━━━━━ Records to use
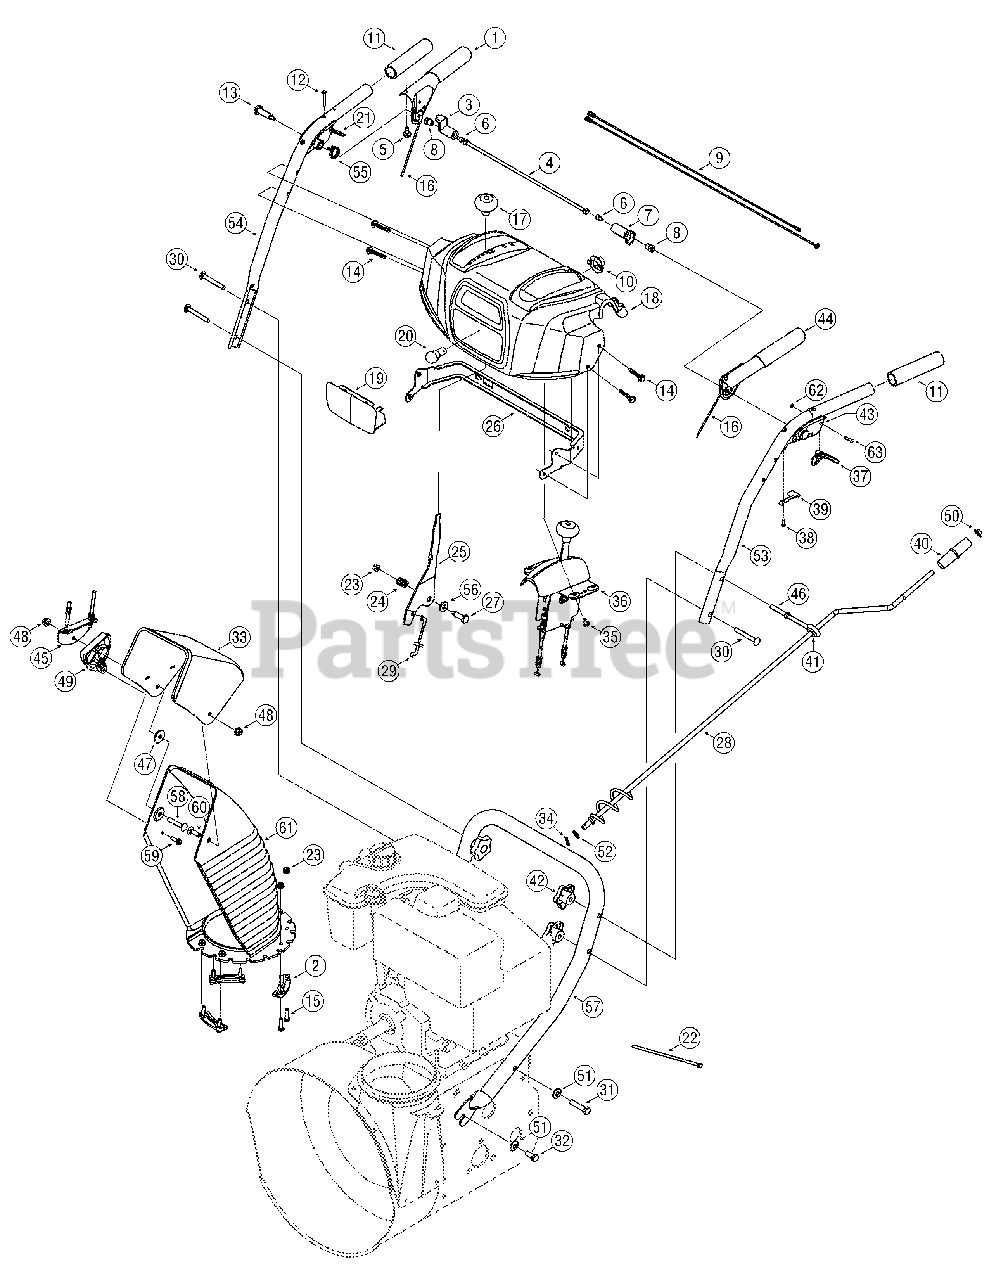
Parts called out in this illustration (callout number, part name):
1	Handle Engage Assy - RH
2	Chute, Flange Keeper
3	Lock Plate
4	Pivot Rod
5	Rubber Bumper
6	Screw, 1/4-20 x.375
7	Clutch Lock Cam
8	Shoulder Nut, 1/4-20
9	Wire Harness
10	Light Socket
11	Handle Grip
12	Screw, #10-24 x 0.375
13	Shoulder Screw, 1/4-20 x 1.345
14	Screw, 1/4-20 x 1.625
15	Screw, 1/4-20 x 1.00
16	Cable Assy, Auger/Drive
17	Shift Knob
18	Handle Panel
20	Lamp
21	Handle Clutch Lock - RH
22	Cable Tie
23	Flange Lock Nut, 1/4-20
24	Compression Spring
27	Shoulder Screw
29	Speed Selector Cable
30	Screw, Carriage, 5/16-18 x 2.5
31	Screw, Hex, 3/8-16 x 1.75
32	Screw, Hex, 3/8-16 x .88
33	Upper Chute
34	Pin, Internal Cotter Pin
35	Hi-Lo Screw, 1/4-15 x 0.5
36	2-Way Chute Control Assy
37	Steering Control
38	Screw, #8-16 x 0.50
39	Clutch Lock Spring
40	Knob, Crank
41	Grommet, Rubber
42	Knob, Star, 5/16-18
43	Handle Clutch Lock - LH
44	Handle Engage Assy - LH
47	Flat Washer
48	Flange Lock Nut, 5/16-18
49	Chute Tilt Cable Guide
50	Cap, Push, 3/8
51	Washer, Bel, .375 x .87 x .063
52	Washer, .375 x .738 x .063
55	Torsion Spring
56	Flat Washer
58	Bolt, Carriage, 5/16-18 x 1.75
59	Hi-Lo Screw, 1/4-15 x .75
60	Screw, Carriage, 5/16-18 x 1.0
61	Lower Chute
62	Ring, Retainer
━━━━━━━━━━
Task description: An exact reprint of the records above is required, with all pictures left out.

Task solution:
Parts called out in this illustration (callout number, part name):
1	Handle Engage Assy - RH
2	Chute, Flange Keeper
3	Lock Plate
4	Pivot Rod
5	Rubber Bumper
6	Screw, 1/4-20 x.375
7	Clutch Lock Cam
8	Shoulder Nut, 1/4-20
9	Wire Harness
10	Light Socket
11	Handle Grip
12	Screw, #10-24 x 0.375
13	Shoulder Screw, 1/4-20 x 1.345
14	Screw, 1/4-20 x 1.625
15	Screw, 1/4-20 x 1.00
16	Cable Assy, Auger/Drive
17	Shift Knob
18	Handle Panel
20	Lamp
21	Handle Clutch Lock - RH
22	Cable Tie
23	Flange Lock Nut, 1/4-20
24	Compression Spring
27	Shoulder Screw
29	Speed Selector Cable
30	Screw, Carriage, 5/16-18 x 2.5
31	Screw, Hex, 3/8-16 x 1.75
32	Screw, Hex, 3/8-16 x .88
33	Upper Chute
34	Pin, Internal Cotter Pin
35	Hi-Lo Screw, 1/4-15 x 0.5
36	2-Way Chute Control Assy
37	Steering Control
38	Screw, #8-16 x 0.50
39	Clutch Lock Spring
40	Knob, Crank
41	Grommet, Rubber
42	Knob, Star, 5/16-18
43	Handle Clutch Lock - LH
44	Handle Engage Assy - LH
47	Flat Washer
48	Flange Lock Nut, 5/16-18
49	Chute Tilt Cable Guide
50	Cap, Push, 3/8
51	Washer, Bel, .375 x .87 x .063
52	Washer, .375 x .738 x .063
55	Torsion Spring
56	Flat Washer
58	Bolt, Carriage, 5/16-18 x 1.75
59	Hi-Lo Screw, 1/4-15 x .75
60	Screw, Carriage, 5/16-18 x 1.0
61	Lower Chute
62	Ring, Retainer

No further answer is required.